聞いたところによると、30日くらいまではどこもまだ通常営業してるみたいで。
じゃあ、気になった場所をピックアップしておいて、明日からウロウロしてみようかなとなりまして。
床屋さんから出ましてね。
夜も遅くなったし、教えてもらったお店はさすがにやってないだろうと思って、歩いてホテルまで帰って。
30分くらい。
いやいや、30分くらいは歩けますよ。全然ですよ。出発前にいたような大雪とかとは無縁の街っぽいしさ。
ただ寒かったよね。雪とか無縁だと思ってるからTシャツにサンダルだしさ。髪も切ったし。
さっきの床屋の店員さんに、こっちはあったかいですかとかあたしの格好を見ながら言われたけど、そんなわけないよね。気温4度とかだもんね。寒いから。どうやったって寒いから。
で、ホテルから床屋さんまで歩いていった道中にラーメン屋もあったしファミレスもあったし、ちょっと道を逸れるけどスーパーもあったのを確認してますから。
帰りはどこかで夕ご飯を済ませればいいやと思ってたんですけど。
閉まってるよねー
空いてないよねー
年末だからっていうより、普通に夜も遅い時間だもんね。
てゆーか、寒いんだって。歩いてるからまだマジだけど、気温は低いんだって。
結局、ホテルの近くに深夜までやってる飯屋があって、そこでってことにしたんだけど。
そこのお店も、メシは美味いと思うよ。美味いっていうか普通くらいだけど、店内にいる客層っていうか居心地はあまりよくなくて。

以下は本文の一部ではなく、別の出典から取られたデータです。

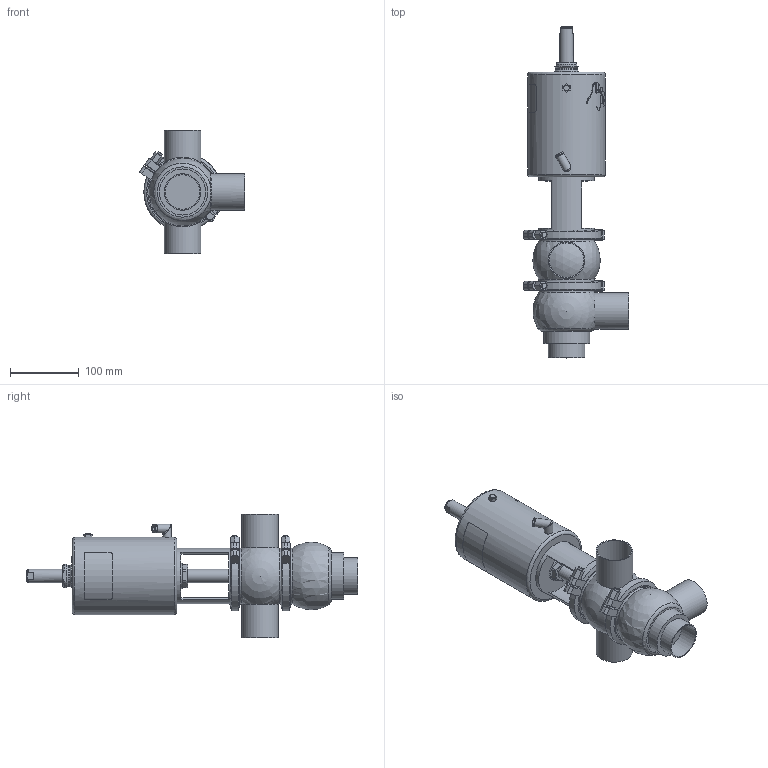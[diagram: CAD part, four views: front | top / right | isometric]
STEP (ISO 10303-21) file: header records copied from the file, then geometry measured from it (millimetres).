
FILE_DESCRIPTION (( 'STEP AP214' ), '1' );
FILE_NAME ('INNOVA K E W DIN 050 T2 AS NC_10.240.16.0022.STEP', '2024-08-06T10:51:40', ( '' ), ( '' ), 'SwSTEP 2.0', 'SolidWorks 2023', '' );
FILE_SCHEMA (( 'AUTOMOTIVE_DESIGN' ));
Length unit declared in the file: millimetre
Products named in the file (6): 10.240.15.0010_DN 050; 10.240.15.0001_DN 050; INNOVA K E W DIN 050 T2 AS NC_10.240.16.0022; 10.240.15.0007_DIN 050; 10.240.15.0014_T2 AS P0; 10.240.15.0002_DIN 050
Assembly tree (6 placements, depth 2):
  INNOVA K E W DIN 050 T2 AS NC_10.240.16.0022
    10.240.15.0007_DIN 050
    10.240.15.0002_DIN 050
    10.240.15.0010_DN 050
    10.240.15.0014_T2 AS P0
    10.240.15.0001_DN 050  x2
Bounding box: 152.59 x 482 x 180 mm (x, y, z)
Volume: 2732200.7 mm3; surface area: 286428.3 mm2
Topology: 6 solids, 6 shells, 401 faces, 1051 edges, 687 vertices
Faces by surface type: plane 194, cylinder 91, bspline 80, cone 26, sphere 5, torus 5
Full cylindrical faces by diameter (mm): 6.15 x1, 8 x5, 8.5 x1, 10.5 x1, 12.5 x3, 16 x1, 20 x2, 31 x1, 34.5 x2, 36.5 x1, 50 x4, 53 x4, 67 x1, 81 x4, 93 x4, 112.5 x1
Entity records: 20750 total; most frequent: CARTESIAN_POINT 11402, ORIENTED_EDGE 1626, DIRECTION 1261, EDGE_CURVE 813, VERTEX_POINT 563, AXIS2_PLACEMENT_3D 486, EDGE_LOOP 430, FACE_OUTER_BOUND 384

たまたまなんだろうけどさ。その前の、床屋の人とまさかのバッチリ感がよかったせいもあるんだろうけど、ちょっとテンションが下がってきてて。寒いし。
うん。
そのまま、お酒を飲む気分にもならず。
ちょろっとだけ頼んだものを食べて。
うん。コンビニでビール買って。寒いし。あったかいお部屋で飲もうかな、なんつって。テンションはほら、その、うん。寒いしね。うん。
…普通さ、ブログで旅の話をする時って、だいたい楽しい思い出を書くもんじゃないの?
なんなの? なんでちょっとしょんぼりして一日目を終わろうとしてんの? ビールにコンビニのポテサラでシメようとしてんの?
そんなだよ。そんな旅の一日目だよ。先が思いやられるよ。